Type the data below again exactly. Omit all pictures.

▶ _Given records_
:::::

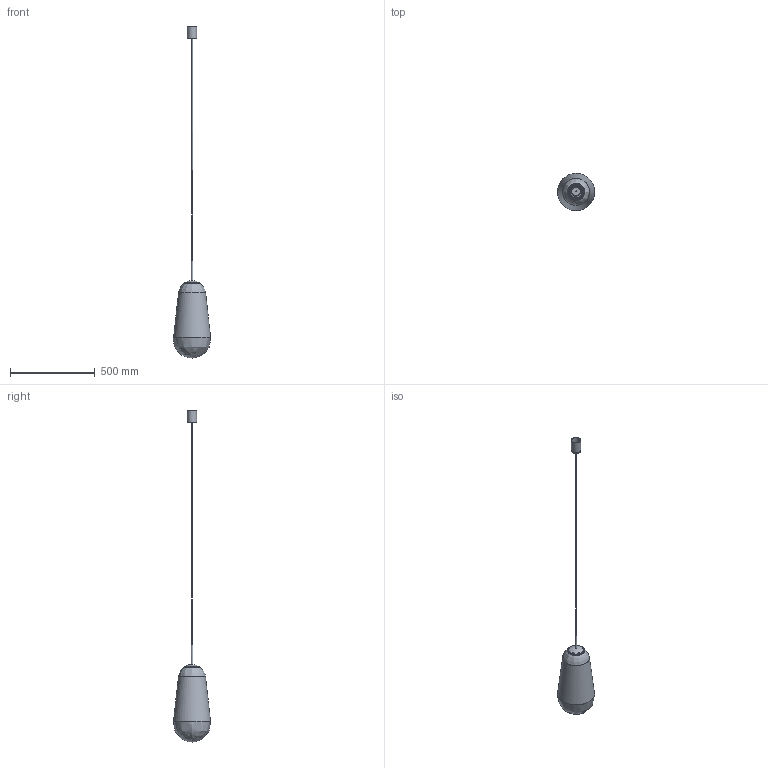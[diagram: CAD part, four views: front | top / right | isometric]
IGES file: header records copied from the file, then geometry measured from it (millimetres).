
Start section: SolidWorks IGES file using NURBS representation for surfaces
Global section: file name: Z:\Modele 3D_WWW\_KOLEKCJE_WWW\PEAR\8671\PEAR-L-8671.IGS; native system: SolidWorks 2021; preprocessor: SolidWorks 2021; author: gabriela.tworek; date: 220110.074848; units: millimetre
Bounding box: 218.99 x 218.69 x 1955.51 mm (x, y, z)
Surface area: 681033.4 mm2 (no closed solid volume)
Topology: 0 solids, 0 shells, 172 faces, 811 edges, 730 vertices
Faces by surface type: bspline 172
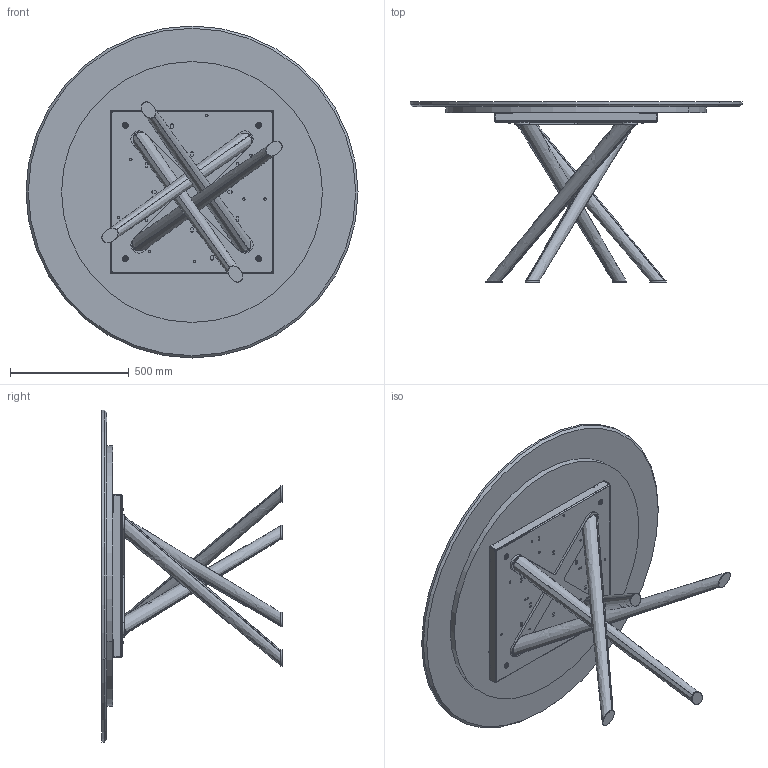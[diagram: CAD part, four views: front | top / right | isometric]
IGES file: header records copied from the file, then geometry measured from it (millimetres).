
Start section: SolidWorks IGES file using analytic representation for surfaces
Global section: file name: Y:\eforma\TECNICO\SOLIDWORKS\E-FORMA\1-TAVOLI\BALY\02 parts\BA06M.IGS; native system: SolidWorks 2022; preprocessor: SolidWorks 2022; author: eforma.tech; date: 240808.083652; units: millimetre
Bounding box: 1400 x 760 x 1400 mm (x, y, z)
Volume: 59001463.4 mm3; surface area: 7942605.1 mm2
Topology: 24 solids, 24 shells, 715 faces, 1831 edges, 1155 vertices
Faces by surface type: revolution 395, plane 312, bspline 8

:::::

▶ _Reply to the task_
[diagram: CAD part, four views: front | top / right | isometric]
IGES file: header records copied from the file, then geometry measured from it (millimetres).
Start section: SolidWorks IGES file using NURBS representation for surfaces
Global section: file name: Z:\Modele 3D_WWW\_KOLEKCJE_WWW\PEAR\8671\PEAR-L-8671.IGS; native system: SolidWorks 2021; preprocessor: SolidWorks 2021; author: gabriela.tworek; date: 220110.074848; units: millimetre
Bounding box: 218.99 x 218.69 x 1955.51 mm (x, y, z)
Surface area: 681033.4 mm2 (no closed solid volume)
Topology: 0 solids, 0 shells, 172 faces, 811 edges, 730 vertices
Faces by surface type: bspline 172
[diagram: CAD part, four views: front | top / right | isometric]
IGES file: header records copied from the file, then geometry measured from it (millimetres).
Start section: SolidWorks IGES file using analytic representation for surfaces
Global section: file name: Y:\eforma\TECNICO\SOLIDWORKS\E-FORMA\1-TAVOLI\BALY\02 parts\BA06M.IGS; native system: SolidWorks 2022; preprocessor: SolidWorks 2022; author: eforma.tech; date: 240808.083652; units: millimetre
Bounding box: 1400 x 760 x 1400 mm (x, y, z)
Volume: 59001463.4 mm3; surface area: 7942605.1 mm2
Topology: 24 solids, 24 shells, 715 faces, 1831 edges, 1155 vertices
Faces by surface type: revolution 395, plane 312, bspline 8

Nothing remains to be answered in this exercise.